Pass: Private Ernest Jonah (241524)

2/6th Battalion, Gloucestershire Regiment

Ernest Jonah Pass was born at Birtles in Cheshire, in the spring of 1897. He was the son of Simon and Mary Pass, whom the 1911 Census records as having twelve children, all but one having survived up to that year.

In 1901 the family was living in Ruabon, near Wrexham in Denbighshire but by the time of the census ten years later their home was at Little London, Lechlade in Gloucestershire.

According to ‘Leaving All that was Dear – Cheltenham and the Great War’ by Joe Devereux and Graham Sacker, Private Pass enlisted in the Army in the week commencing 18 October 1915 and was reported wounded on 20 October 1917.

He joined the 2/5th Battalion of the Gloucestershire Regiment and acquired the number 5472 and later became attached to the 2/6th Battalion. Both these were Territorial Force units and subject to re-numbering in 1917, when Private Pass was given 241524.

The website www.remembering.org.uk gives details of those who have a Cheltenham connection but are not commemorated in the town. It quotes from an article in the Gloucestershire Echo of 5 December 1918 which states that Private Pass was a returned Prisoner of War, having been taken by the Germans in the Cambrai area in December 1917.

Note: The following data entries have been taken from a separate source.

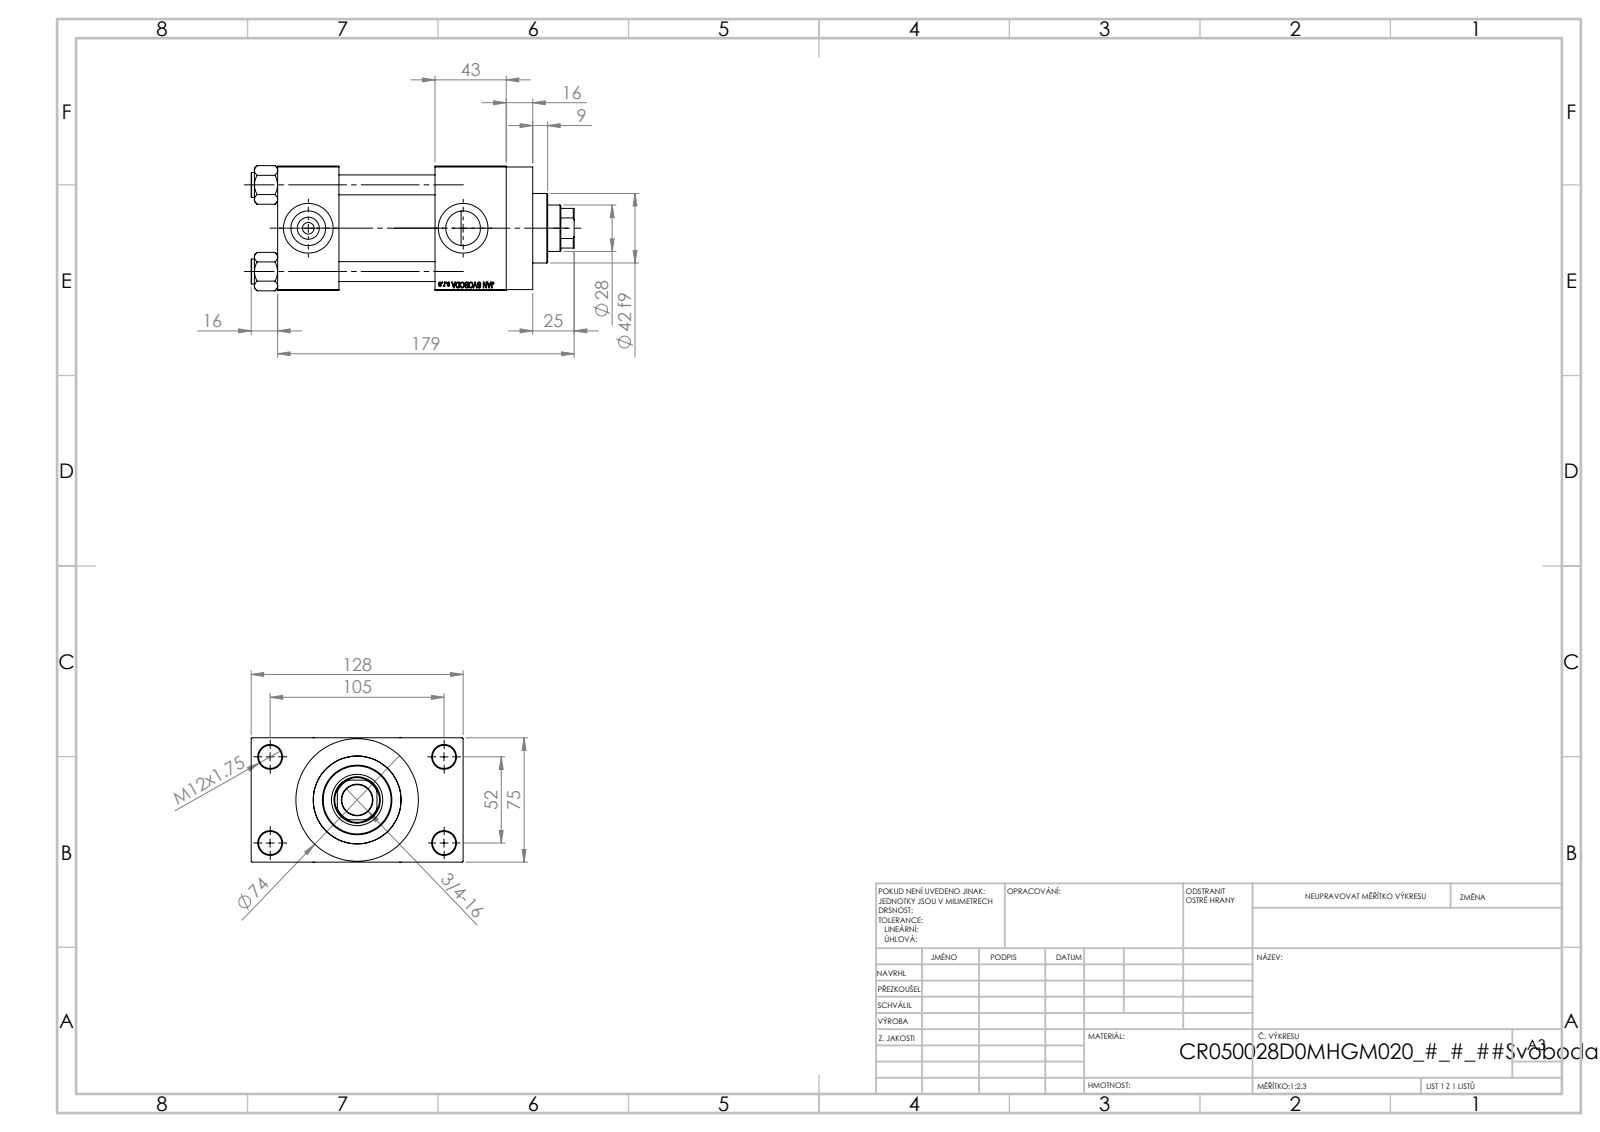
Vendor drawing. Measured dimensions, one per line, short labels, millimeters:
name: V215CR_D_TYCINKA; V215CR_D_Body; V215CR_VCP_D; NUT_M5_D (+1 more)
written by: SolidWorks 2019 (CONFIG_CONTROL_DESIGN)
unit: mm
bodies: 11 solids, 1103 faces (497 planar, 88 cylindrical, 518 other)
size: 195 × 128 × 75.54
volume: 806 210 mm³; area: 170 608 mm²
holes: 4× ⌀12, 4× ⌀14, 2× ⌀7, 2× ⌀20.96, 2× ⌀30, 1× ⌀18.5, 1× ⌀28, 1× ⌀31, 1× ⌀41, 1× ⌀50, 1× ⌀53
bosses: 4× ⌀15, 1× ⌀74, 1× ⌀56, 1× ⌀42
rounds: 1× R13.5
face distances: 75, 58, 37, 95, 26.5, 138, 101, 43, 101.5, 16
hole spacings: 26.35, 36.98, 52.3, 58.43, 58.59, 78.65, 94.37, 52
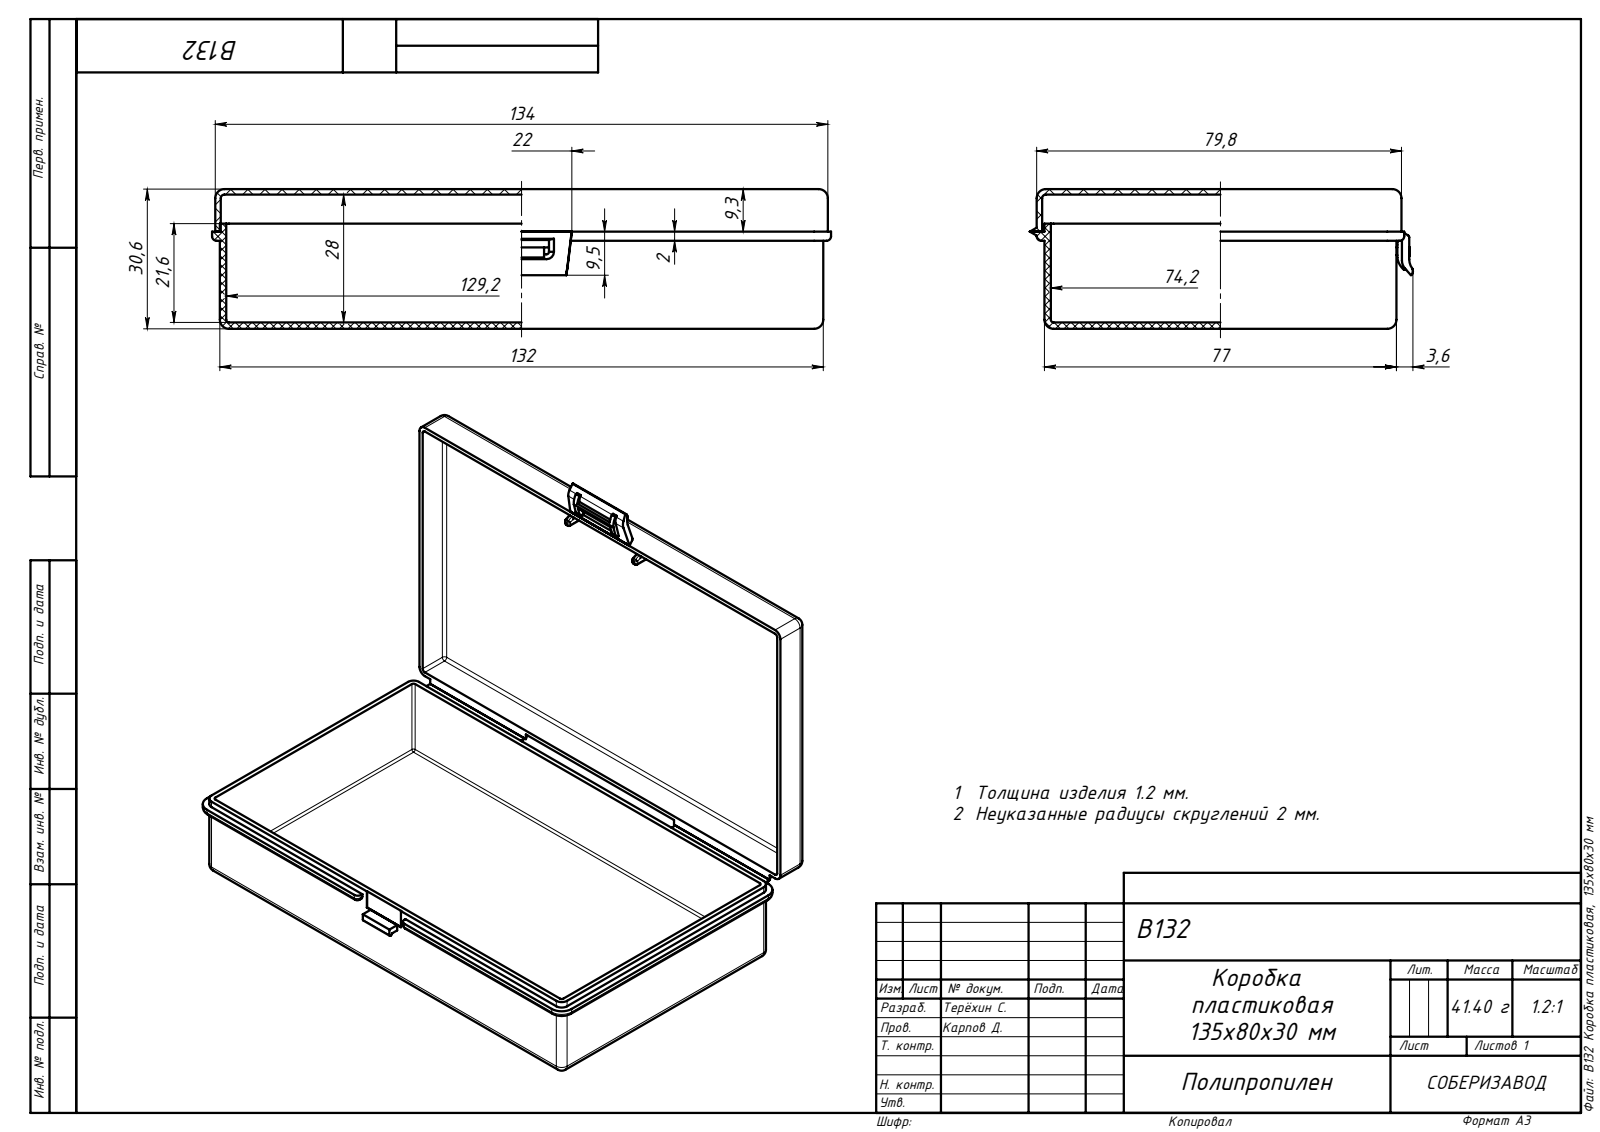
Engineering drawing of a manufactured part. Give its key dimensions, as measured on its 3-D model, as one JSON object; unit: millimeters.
{"part_name": "B132 Емкость_00; B132 Коробка пластиковая, 135x80x30 мм; B132 Крышка_12; B132 Защёлка_00", "step_written_by": "SolidWorks 2020 (AUTOMOTIVE_DESIGN)", "units": "millimeters", "bodies": {"solids": 7, "faces": 235, "planar": 107, "cylindrical": 88, "other": 40}, "overall_size": [135.4, 83.81, 30.55], "volume_mm3": 44668, "surface_area_mm2": 68673, "partial_cylinders_radius": [[2, 16], [0.5, 15], [0.6, 8], [0.8, 8], [0.7, 7], [1, 4], [1.3, 4], [3.7, 4]], "face_to_face_distances": [1.4, 1.2, 29.35, 30.55, 27.95, 29.15, 75.6, 130.6, 74.2, 77]}
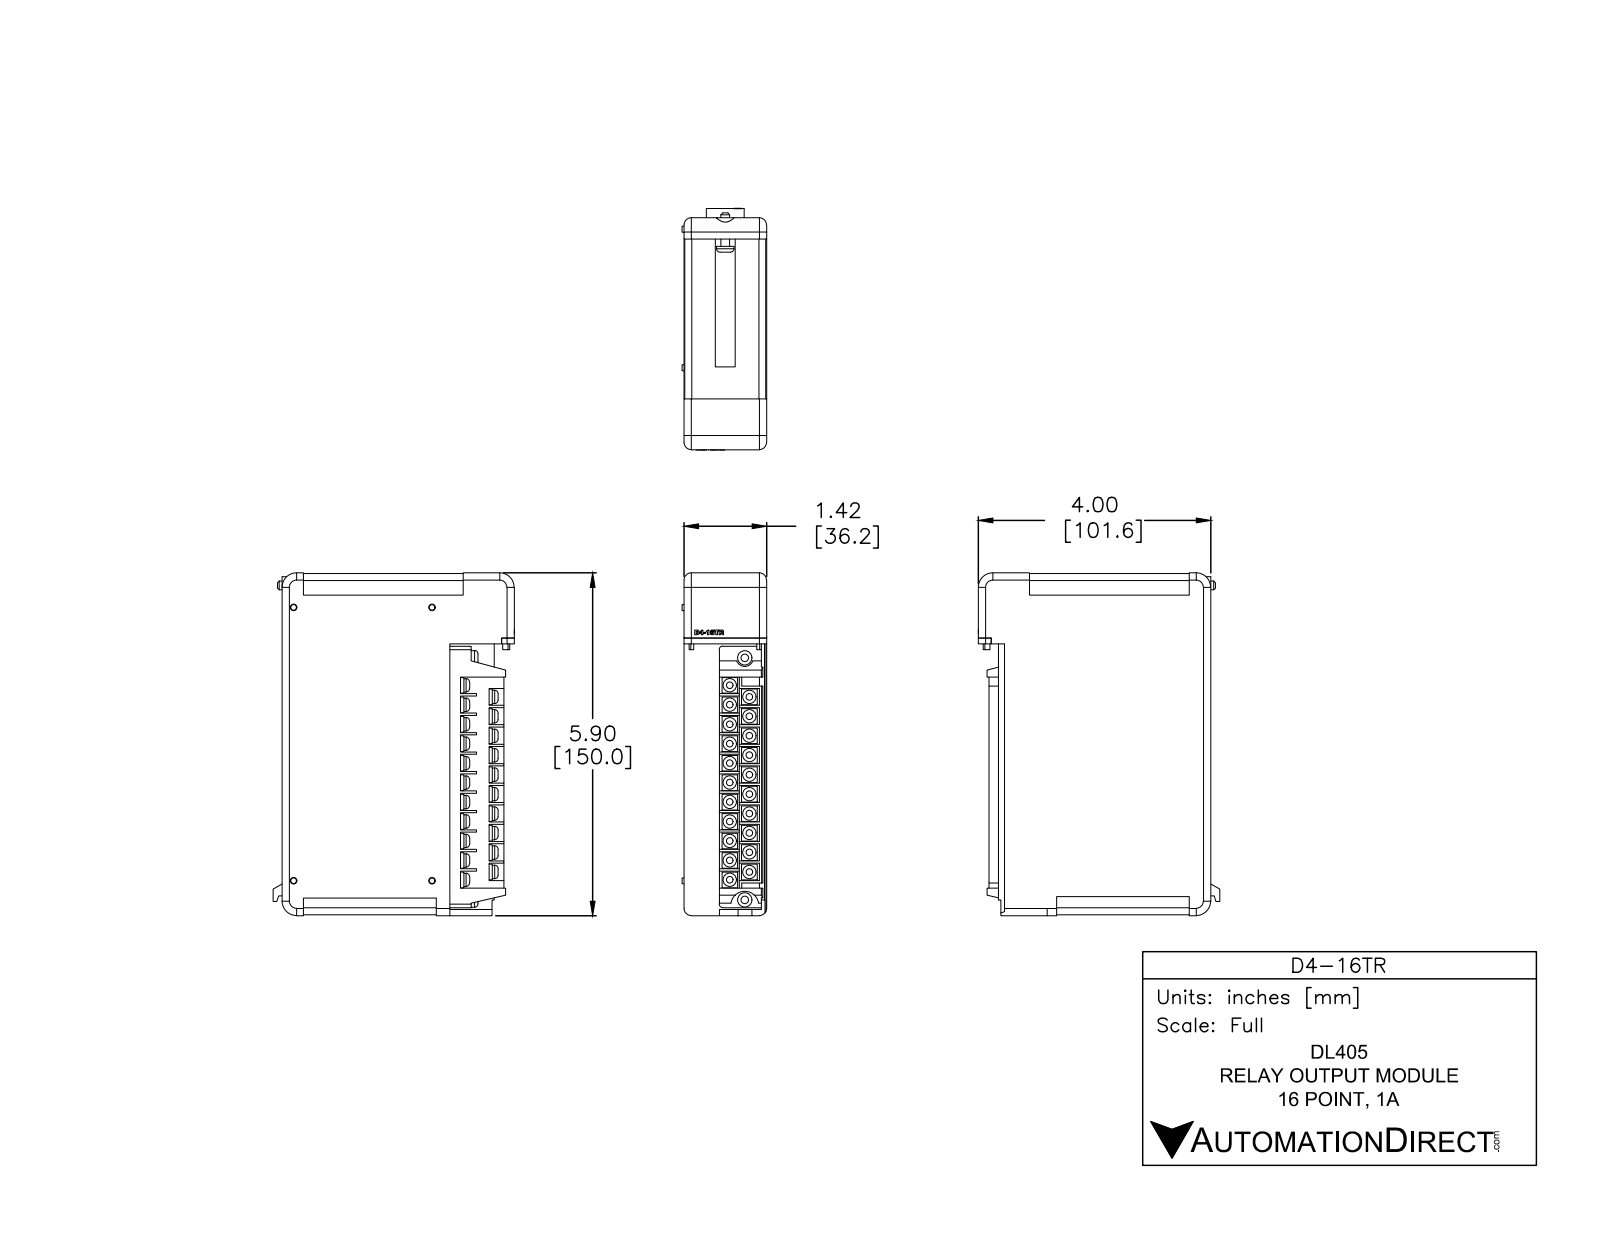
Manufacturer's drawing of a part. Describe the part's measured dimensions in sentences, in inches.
The part is named "D4-16TR". Its 3-D file was written by "SolidWorks 2014 (AUTOMOTIVE_DESIGN)". It is 6 solids with 886 faces: 548 planar, 246 cylindrical and 92 other. Overall it measures 5.905 by 4.223 by 1.455 inches. Its volume is 27.6 cubic inches and its surface area 90.48 square inches. Round bosses or shafts: 21 of diameter 0.23, 20 of diameter 0.035, 20 of diameter 0.035, 2 of diameter 0.25, 1 of diameter 0.3, 1 of diameter 0.15. Partial cylindrical surfaces (rounded edges, fillets, slot ends): 82 of radius 0.015, 8 of radius 0.125, 4 of radius 0.12, 3 of radius 0.25, 2 of radius 0.03, 2 of radius 0.06, 1 of radius 0.149, 1 of radius 0.151. The main face-to-face distances are 1.425, 0.015, 2.89, 5.875, 1.41, 0.47, 0.955, 5.89, 1.21, 0.345.
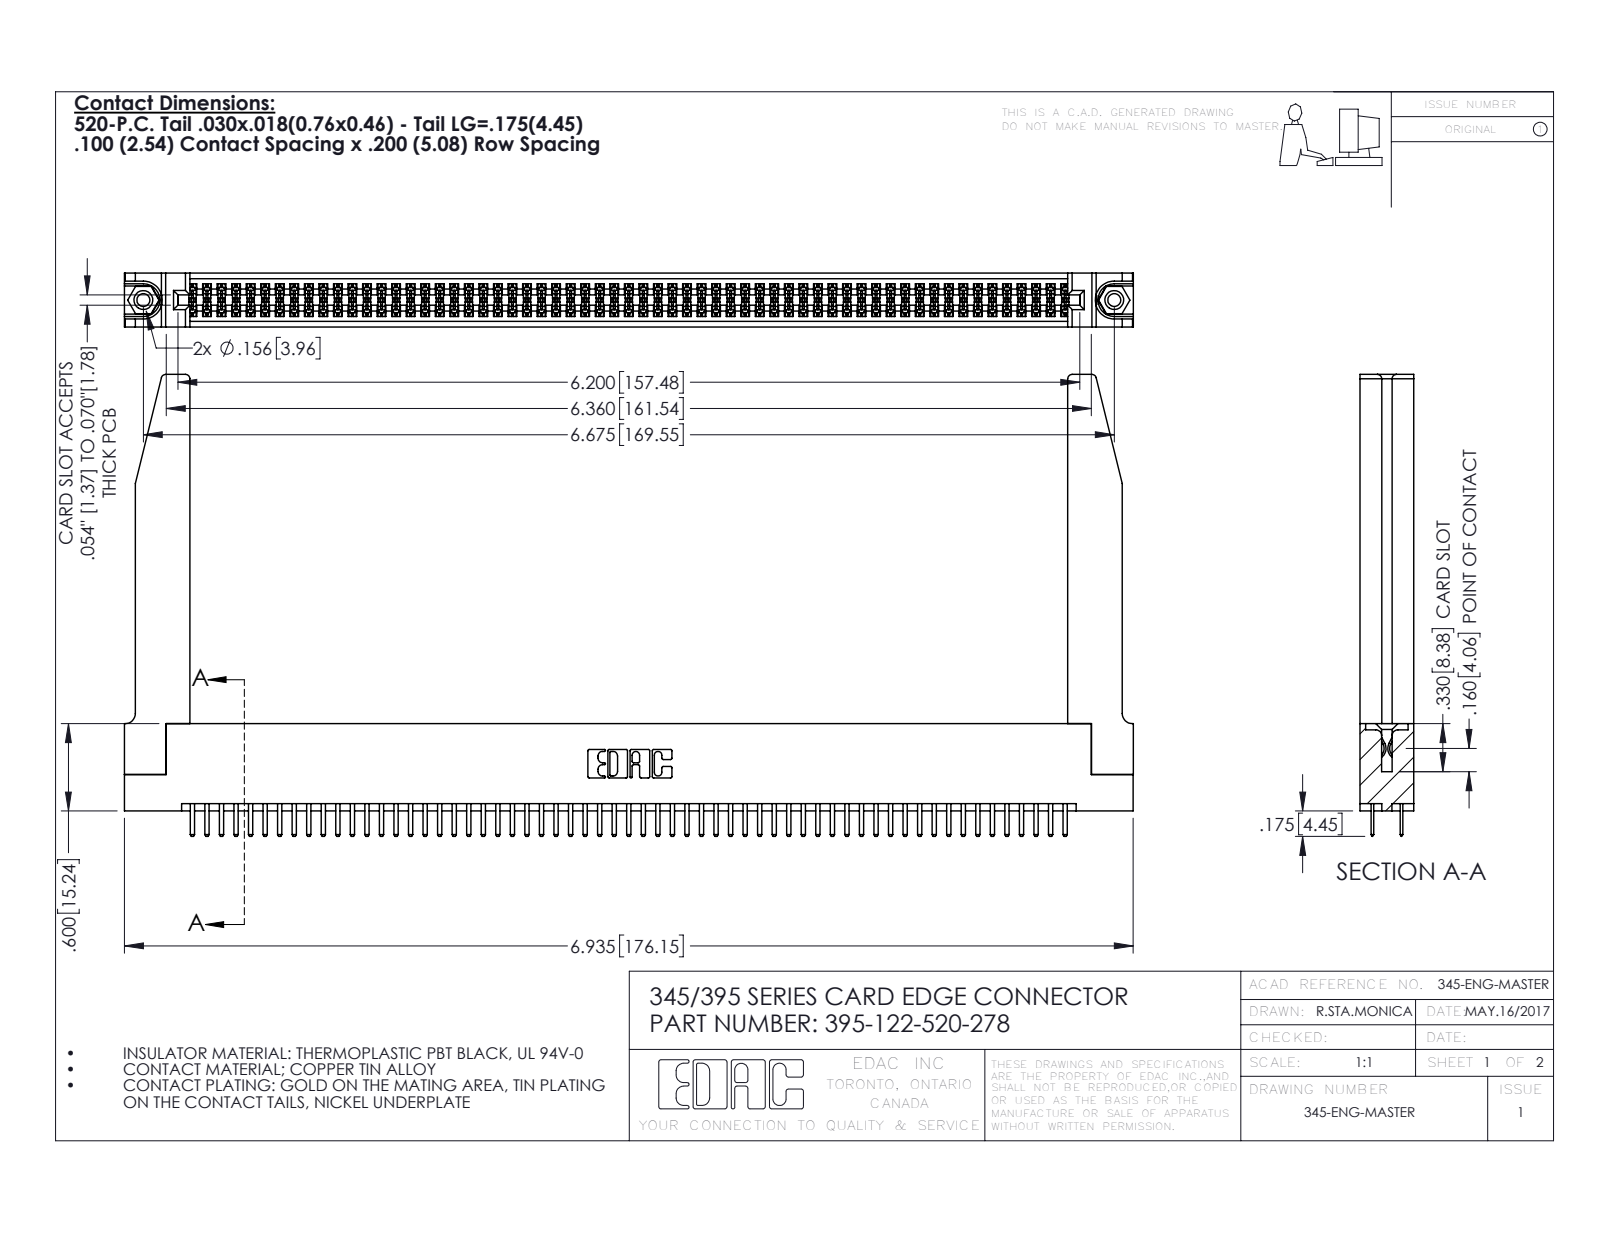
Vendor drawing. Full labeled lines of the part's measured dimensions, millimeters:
Part name (STEP PRODUCT): 345 Part_Flush Mounting Lugs - 0.156 Dia-TH; 345-250-001_345-250-001-102; 345-220-078_345-220-078; 345-292-001_345-293-120 (+1 more)
STEP written by: SolidWorks 2016 (CONFIG_CONTROL_DESIGN)
Units: millimetres
Bodies: 127 solids, 6948 faces (4492 planar, 2404 cylindrical, 52 other)
Overall size (bounding box): 176.2 × 80.6 × 9.4
Volume: 25 010 mm³ · Surface area: 32 570 mm²
Round holes (diameter × count): ⌀2.3 ×2, ⌀3.2 ×2, ⌀4 ×2, ⌀1.6 ×1
Round bosses / shafts (diameter × count): ⌀3.9 ×2
Partial cylindrical surfaces — rounded edges, fillets, slot ends (radius × count): R0.2 ×183, R0.3 ×126, R0.3 ×22, R0.8 ×8, R0.2 ×6, R0.8 ×6, R0.7 ×3, R0.4 ×2
Main face-to-face distances: 1.8, 9.4, 7.6, 5.1, 2.5, 6.9, 0.6, 5.7, 0.6, 1.8
Hole centre spacings: 6.9, 163.6, 169.5

Evidently Private Pass had lived at one time at Delholme Cottage, High Street, Prestbury.

Prisoner of War records released by the International Committee for the Red Cross (ICRC) in 2014 confirm that Ernest Jonah Pass was captured at Manieres, south of Cambrai, on 4 December 1917, possibly suffering from shrapnel wounds and was interned at Minden and then Sagan.

He was part of a consignment of British PoWs repatriated via Hull on 27 November 1918.

In the early months of 1917 Ernest Pass had married Julia Elizabeth H Cole at Cheltenham.

Her name appears as Elizabeth Pass, in the Commonwealth War Grave Commission Register as living at Ivy Cottage, Mill Lane Prestbury.

Ernest Pass died of unknown causes at Cheltenham on 3 March 1919, aged 22.

He is buried in Cheltenham Cemetery, where a CWGC headstone marks his grave. His name is not present on the Cheltenham Borough War Memorial but is listed on the Lechlade (St Lawrence Church) Roll of Honour.